We have seen how three English teams could avoid playing each other in the Champions League quarter-finals. What about if four teams reach; this happened on three occasions – 2008, 2009 and 2019 – in the last four decades. It’s impossible to avoid one another. Or is it? Let’s calculate.
Let’s use the same code we used earlier by adding another team, E4.
team <- c("E1", "E2", "E3", "E4", "R5", "R6", "R7", "R8")
itr <- 1000000
draw <- replicate(itr, {
dr <- sample(team, 8, replace = FALSE)
dr1 <- paste(dr[1], dr[2])
dr2 <- paste(dr[3], dr[4])
dr3 <- paste(dr[5], dr[6])
dr4 <- paste(dr[7], dr[8])
dr_all <- c(str_count(dr1, "E"), str_count(dr2, "E"), str_count(dr3, "E"), str_count(dr4, "E"))
if(any(dr_all == 2)){
counter <- 1
}else{
counter <- 0
}
})
P_avoid <- 1 - mean(draw)
P_avoidThere is a 22.8% chance to avoid – not so bad!

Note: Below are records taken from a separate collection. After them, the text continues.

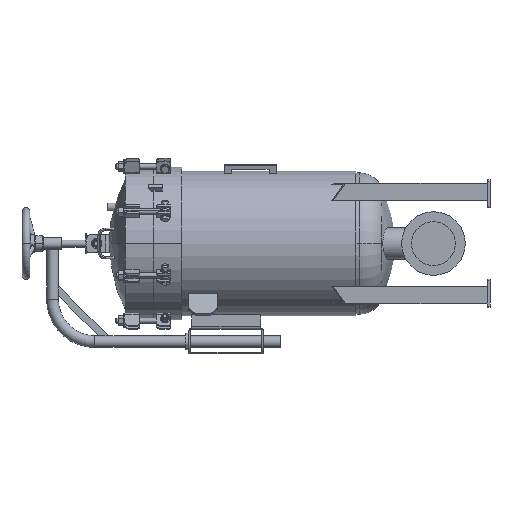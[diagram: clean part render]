
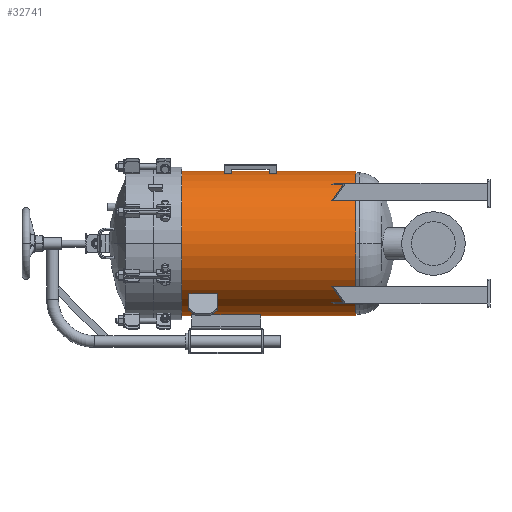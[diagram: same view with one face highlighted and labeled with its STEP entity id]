
A CAD part, left-side view. The second image highlights one B-rep face of the part: STEP entity #32741.
In plain terms, the highlighted cylindrical face has radius 260.35 mm (diameter 520.7 mm), a partial arc.
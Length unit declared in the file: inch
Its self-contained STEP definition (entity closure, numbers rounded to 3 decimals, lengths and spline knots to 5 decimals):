
#1239 = DIRECTION ( 'NONE',  ( 0., -1., 0. ) ) ;
#3936 = CARTESIAN_POINT ( 'NONE',  ( 0., -28.59375, 0. ) ) ;
#5086 = CARTESIAN_POINT ( 'NONE',  ( 0., -28.59375, 10.25 ) ) ;
#5210 = LINE ( 'NONE', #35962, #33037 ) ;
#6972 = VERTEX_POINT ( 'NONE', #51385 ) ;
#8623 = DIRECTION ( 'NONE',  ( 1., 0., 0. ) ) ;
#11033 = ORIENTED_EDGE ( 'NONE', *, *, #25679, .F. ) ;
#12977 = CARTESIAN_POINT ( 'NONE',  ( 0., -28.59375, -10.25 ) ) ;
#13698 = FACE_OUTER_BOUND ( 'NONE', #26459, .T. ) ;
#13981 = DIRECTION ( 'NONE',  ( 0., -1., 0. ) ) ;
#16659 = DIRECTION ( 'NONE',  ( 0., 1., 0. ) ) ;
#17813 = VERTEX_POINT ( 'NONE', #33411 ) ;
#20208 = ORIENTED_EDGE ( 'NONE', *, *, #45670, .T. ) ;
#21064 = DIRECTION ( 'NONE',  ( 0., 1., 0. ) ) ;
#22005 = VECTOR ( 'NONE', #41369, 39.37008 ) ;
#23923 = CARTESIAN_POINT ( 'NONE',  ( 0., -2.09375, 10.25 ) ) ;
#25679 = EDGE_CURVE ( 'NONE', #17813, #6972, #26520, .T. ) ;
#26459 = EDGE_LOOP ( 'NONE', ( #38434, #11033, #20208, #33626 ) ) ;
#26520 = CIRCLE ( 'NONE', #40015, 10.25 ) ;
#26663 = AXIS2_PLACEMENT_3D ( 'NONE', #3936, #16659, #33017 ) ;
#28628 = EDGE_CURVE ( 'NONE', #29822, #40629, #39244, .T. ) ;
#29822 = VERTEX_POINT ( 'NONE', #12977 ) ;
#30912 = CYLINDRICAL_SURFACE ( 'NONE', #55742, 10.25 ) ;
#32741 = ADVANCED_FACE ( 'NONE', ( #13698 ), #30912, .T. ) ;
#33017 = DIRECTION ( 'NONE',  ( 1., 0., 0. ) ) ;
#33037 = VECTOR ( 'NONE', #1239, 39.37008 ) ;
#33411 = CARTESIAN_POINT ( 'NONE',  ( 0., -2.09375, -10.25 ) ) ;
#33626 = ORIENTED_EDGE ( 'NONE', *, *, #28628, .T. ) ;
#34302 = CARTESIAN_POINT ( 'NONE',  ( 0., -2.09375, 0. ) ) ;
#35962 = CARTESIAN_POINT ( 'NONE',  ( 0., -2.09375, -10.25 ) ) ;
#38434 = ORIENTED_EDGE ( 'NONE', *, *, #55671, .F. ) ;
#39244 = CIRCLE ( 'NONE', #26663, 10.25 ) ;
#40015 = AXIS2_PLACEMENT_3D ( 'NONE', #34302, #21064, #8623 ) ;
#40629 = VERTEX_POINT ( 'NONE', #5086 ) ;
#41369 = DIRECTION ( 'NONE',  ( 0., -1., 0. ) ) ;
#43903 = DIRECTION ( 'NONE',  ( 0., 0., -1. ) ) ;
#45670 = EDGE_CURVE ( 'NONE', #17813, #29822, #5210, .T. ) ;
#48706 = CARTESIAN_POINT ( 'NONE',  ( 0., -2.09375, 0. ) ) ;
#51385 = CARTESIAN_POINT ( 'NONE',  ( 0., -2.09375, 10.25 ) ) ;
#54370 = LINE ( 'NONE', #23923, #22005 ) ;
#55671 = EDGE_CURVE ( 'NONE', #6972, #40629, #54370, .T. ) ;
#55742 = AXIS2_PLACEMENT_3D ( 'NONE', #48706, #13981, #43903 ) ;

We use the same approach for the analytical solution. The number of ways to form four pairs from eight teams is 8C2 x 6C2 x 4C2 /4! = 105. To avoid the team from the same league, the four English clubs must pair with the other four. The first team has 4, the second team has 3, the third has 2, and the last has one choice. So total = 4 x 3 x 2 = 24. The probability to avoid = 24/105 = 0.228 or 22.8%.